---------- Data for review
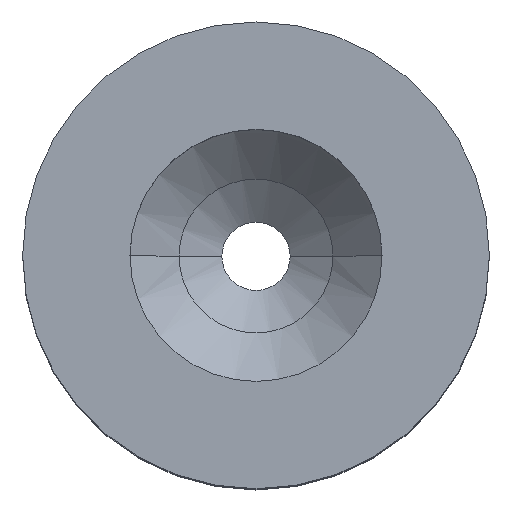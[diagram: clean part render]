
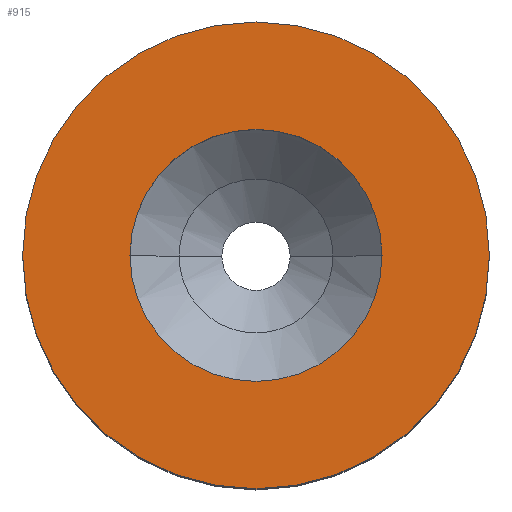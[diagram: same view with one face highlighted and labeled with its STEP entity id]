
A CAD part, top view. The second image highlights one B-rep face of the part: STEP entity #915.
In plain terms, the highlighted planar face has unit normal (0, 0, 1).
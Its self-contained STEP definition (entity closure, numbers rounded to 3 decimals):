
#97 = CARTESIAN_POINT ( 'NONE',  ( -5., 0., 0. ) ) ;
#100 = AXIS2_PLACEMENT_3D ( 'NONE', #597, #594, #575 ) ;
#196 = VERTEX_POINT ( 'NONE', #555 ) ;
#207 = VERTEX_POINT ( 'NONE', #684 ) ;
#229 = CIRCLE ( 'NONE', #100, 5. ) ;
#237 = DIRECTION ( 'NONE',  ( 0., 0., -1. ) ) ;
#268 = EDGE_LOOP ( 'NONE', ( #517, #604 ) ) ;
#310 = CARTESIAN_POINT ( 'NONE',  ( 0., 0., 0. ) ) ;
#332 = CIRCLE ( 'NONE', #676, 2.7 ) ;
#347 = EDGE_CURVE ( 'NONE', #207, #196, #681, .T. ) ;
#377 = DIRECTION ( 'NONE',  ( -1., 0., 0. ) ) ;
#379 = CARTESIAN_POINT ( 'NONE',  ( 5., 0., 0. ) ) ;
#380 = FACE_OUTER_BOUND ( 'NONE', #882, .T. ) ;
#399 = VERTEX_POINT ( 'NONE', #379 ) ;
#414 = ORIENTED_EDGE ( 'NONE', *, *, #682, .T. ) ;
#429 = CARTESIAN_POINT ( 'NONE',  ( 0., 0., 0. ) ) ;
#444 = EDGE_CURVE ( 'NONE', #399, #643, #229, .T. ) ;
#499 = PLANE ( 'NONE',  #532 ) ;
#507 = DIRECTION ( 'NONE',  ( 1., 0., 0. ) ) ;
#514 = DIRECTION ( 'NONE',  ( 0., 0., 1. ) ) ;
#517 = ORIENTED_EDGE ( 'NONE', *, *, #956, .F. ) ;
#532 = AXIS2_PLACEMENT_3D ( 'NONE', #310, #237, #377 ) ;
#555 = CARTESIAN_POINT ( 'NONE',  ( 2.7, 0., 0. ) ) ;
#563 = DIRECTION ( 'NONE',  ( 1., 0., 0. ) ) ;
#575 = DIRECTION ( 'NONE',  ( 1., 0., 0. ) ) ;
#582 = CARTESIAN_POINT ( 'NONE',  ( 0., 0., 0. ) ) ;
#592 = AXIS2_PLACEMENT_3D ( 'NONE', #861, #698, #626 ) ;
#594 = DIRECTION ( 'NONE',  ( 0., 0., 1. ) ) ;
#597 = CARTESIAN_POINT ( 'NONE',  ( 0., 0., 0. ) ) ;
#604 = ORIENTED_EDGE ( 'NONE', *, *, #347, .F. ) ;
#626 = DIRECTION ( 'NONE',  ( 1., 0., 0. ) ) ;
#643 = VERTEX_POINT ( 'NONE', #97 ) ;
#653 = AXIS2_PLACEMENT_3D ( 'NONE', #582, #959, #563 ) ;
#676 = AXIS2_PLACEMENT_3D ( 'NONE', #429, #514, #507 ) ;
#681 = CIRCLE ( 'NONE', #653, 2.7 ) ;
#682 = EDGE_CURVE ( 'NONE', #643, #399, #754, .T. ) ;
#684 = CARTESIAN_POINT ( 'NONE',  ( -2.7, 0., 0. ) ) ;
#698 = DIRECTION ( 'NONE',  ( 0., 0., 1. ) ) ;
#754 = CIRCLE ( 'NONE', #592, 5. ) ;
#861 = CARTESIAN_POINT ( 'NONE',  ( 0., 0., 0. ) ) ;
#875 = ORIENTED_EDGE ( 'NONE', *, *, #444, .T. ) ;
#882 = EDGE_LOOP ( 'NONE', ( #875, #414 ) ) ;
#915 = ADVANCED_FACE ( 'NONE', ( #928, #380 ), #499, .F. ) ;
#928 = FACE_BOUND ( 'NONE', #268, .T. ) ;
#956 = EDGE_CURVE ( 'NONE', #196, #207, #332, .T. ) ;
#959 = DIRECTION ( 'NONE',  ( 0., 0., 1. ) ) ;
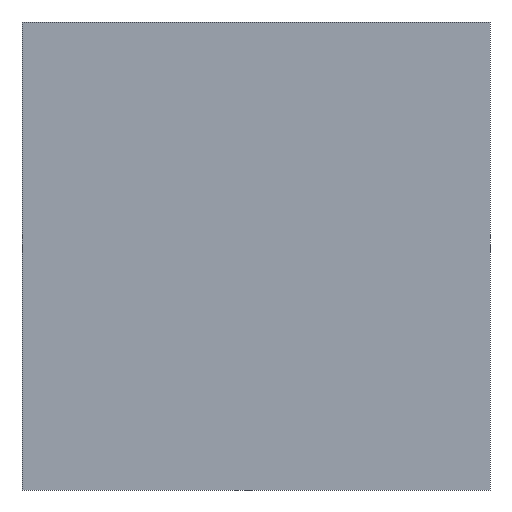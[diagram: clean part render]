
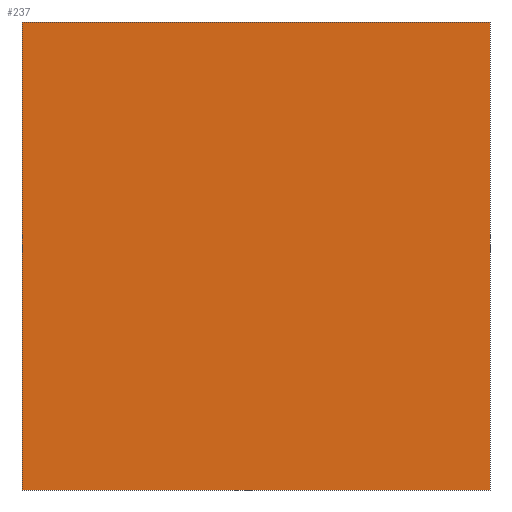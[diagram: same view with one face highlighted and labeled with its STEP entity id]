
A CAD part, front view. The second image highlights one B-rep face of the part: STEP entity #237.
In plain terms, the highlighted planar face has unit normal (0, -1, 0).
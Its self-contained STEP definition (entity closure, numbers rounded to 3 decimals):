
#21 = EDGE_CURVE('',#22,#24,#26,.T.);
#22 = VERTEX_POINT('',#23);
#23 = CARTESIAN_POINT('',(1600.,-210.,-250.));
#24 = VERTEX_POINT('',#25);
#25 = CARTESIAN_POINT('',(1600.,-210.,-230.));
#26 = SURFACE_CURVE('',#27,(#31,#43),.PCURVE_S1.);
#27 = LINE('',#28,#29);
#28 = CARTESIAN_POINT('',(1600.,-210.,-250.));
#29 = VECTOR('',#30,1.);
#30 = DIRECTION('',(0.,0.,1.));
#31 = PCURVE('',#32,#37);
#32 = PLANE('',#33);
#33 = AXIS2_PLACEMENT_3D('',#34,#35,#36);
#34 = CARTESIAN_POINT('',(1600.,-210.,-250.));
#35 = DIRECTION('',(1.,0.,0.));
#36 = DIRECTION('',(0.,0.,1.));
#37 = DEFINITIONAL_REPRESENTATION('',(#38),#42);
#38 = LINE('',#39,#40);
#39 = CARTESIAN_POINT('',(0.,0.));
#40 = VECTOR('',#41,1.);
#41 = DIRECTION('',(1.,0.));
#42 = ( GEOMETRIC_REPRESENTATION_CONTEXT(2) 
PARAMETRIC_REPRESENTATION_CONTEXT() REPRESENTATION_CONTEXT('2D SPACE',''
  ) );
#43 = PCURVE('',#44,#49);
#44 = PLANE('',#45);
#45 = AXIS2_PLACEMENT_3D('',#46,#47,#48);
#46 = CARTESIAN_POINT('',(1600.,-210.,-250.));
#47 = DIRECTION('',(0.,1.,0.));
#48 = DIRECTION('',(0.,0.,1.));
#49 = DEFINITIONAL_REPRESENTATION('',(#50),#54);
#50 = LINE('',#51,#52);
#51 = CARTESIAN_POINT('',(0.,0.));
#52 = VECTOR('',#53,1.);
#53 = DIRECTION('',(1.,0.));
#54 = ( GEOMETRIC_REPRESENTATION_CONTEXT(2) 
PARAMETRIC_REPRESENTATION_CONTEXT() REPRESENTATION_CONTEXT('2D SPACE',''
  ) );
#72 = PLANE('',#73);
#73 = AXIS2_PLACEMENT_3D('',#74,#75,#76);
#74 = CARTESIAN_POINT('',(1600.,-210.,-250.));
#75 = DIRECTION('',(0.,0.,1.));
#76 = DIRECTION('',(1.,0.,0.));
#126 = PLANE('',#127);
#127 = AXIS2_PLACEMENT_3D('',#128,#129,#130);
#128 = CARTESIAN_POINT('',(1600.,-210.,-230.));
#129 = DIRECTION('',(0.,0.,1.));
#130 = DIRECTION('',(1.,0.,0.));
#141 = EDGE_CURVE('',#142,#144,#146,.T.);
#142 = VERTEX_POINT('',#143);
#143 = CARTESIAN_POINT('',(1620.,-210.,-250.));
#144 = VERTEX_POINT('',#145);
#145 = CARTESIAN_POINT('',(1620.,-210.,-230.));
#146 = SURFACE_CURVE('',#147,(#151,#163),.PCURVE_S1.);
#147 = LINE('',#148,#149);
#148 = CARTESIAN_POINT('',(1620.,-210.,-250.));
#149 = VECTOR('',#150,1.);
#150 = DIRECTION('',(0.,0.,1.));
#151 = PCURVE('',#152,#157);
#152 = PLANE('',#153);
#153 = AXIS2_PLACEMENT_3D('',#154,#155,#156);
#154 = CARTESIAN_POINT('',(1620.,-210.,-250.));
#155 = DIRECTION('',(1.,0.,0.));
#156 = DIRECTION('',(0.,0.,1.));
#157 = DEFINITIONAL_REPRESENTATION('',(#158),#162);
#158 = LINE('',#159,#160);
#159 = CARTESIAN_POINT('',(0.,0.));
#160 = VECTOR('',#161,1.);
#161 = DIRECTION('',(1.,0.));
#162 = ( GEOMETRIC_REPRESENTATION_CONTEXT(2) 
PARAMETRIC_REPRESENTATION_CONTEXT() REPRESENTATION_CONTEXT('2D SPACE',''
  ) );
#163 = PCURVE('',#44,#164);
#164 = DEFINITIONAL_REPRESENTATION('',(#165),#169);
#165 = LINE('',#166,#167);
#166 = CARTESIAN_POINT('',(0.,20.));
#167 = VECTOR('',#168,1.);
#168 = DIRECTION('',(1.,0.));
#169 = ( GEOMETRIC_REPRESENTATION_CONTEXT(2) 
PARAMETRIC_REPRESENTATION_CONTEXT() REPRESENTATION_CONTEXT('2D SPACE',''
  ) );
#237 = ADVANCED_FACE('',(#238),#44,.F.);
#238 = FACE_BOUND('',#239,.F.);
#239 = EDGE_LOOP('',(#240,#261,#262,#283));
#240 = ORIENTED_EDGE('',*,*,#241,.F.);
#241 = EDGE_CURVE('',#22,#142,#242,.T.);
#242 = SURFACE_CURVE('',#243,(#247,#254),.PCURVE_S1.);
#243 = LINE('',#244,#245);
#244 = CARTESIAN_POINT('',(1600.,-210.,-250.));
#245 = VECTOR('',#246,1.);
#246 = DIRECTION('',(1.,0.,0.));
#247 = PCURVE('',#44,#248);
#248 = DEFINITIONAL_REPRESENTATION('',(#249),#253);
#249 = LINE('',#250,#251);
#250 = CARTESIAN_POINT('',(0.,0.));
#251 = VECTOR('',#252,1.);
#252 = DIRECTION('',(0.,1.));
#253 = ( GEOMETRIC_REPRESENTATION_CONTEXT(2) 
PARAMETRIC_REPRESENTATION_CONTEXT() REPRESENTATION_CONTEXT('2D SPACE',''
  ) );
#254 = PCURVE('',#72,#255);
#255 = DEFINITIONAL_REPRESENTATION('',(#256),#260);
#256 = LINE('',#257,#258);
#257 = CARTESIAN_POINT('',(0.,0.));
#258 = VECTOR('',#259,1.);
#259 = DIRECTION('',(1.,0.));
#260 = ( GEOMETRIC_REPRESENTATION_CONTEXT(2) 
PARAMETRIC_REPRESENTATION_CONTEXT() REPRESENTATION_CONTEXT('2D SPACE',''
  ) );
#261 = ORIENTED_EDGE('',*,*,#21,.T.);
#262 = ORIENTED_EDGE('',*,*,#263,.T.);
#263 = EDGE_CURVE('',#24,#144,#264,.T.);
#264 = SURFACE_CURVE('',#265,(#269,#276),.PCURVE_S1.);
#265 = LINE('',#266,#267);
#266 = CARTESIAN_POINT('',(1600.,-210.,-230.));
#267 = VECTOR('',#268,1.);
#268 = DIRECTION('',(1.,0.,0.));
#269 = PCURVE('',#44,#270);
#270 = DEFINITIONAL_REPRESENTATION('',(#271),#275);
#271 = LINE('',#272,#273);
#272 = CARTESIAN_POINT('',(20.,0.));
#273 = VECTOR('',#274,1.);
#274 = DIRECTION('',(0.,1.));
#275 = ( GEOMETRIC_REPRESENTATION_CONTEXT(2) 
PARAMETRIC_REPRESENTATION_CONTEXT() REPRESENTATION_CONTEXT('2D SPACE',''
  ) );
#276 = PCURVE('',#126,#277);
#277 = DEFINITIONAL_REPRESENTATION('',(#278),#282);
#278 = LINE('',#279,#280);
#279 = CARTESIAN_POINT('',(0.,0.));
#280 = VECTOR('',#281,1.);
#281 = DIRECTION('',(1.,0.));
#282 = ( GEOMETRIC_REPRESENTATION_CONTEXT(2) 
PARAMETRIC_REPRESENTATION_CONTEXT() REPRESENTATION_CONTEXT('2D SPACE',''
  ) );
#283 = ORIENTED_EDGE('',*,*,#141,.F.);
--------------------
**What the exercise asks**
Show every line in the listing above that carries the word "image".

**Your response**
A CAD part, top view. The second image highlights one B-rep face of the part: STEP entity #915.
A CAD part, front view. The second image highlights one B-rep face of the part: STEP entity #237.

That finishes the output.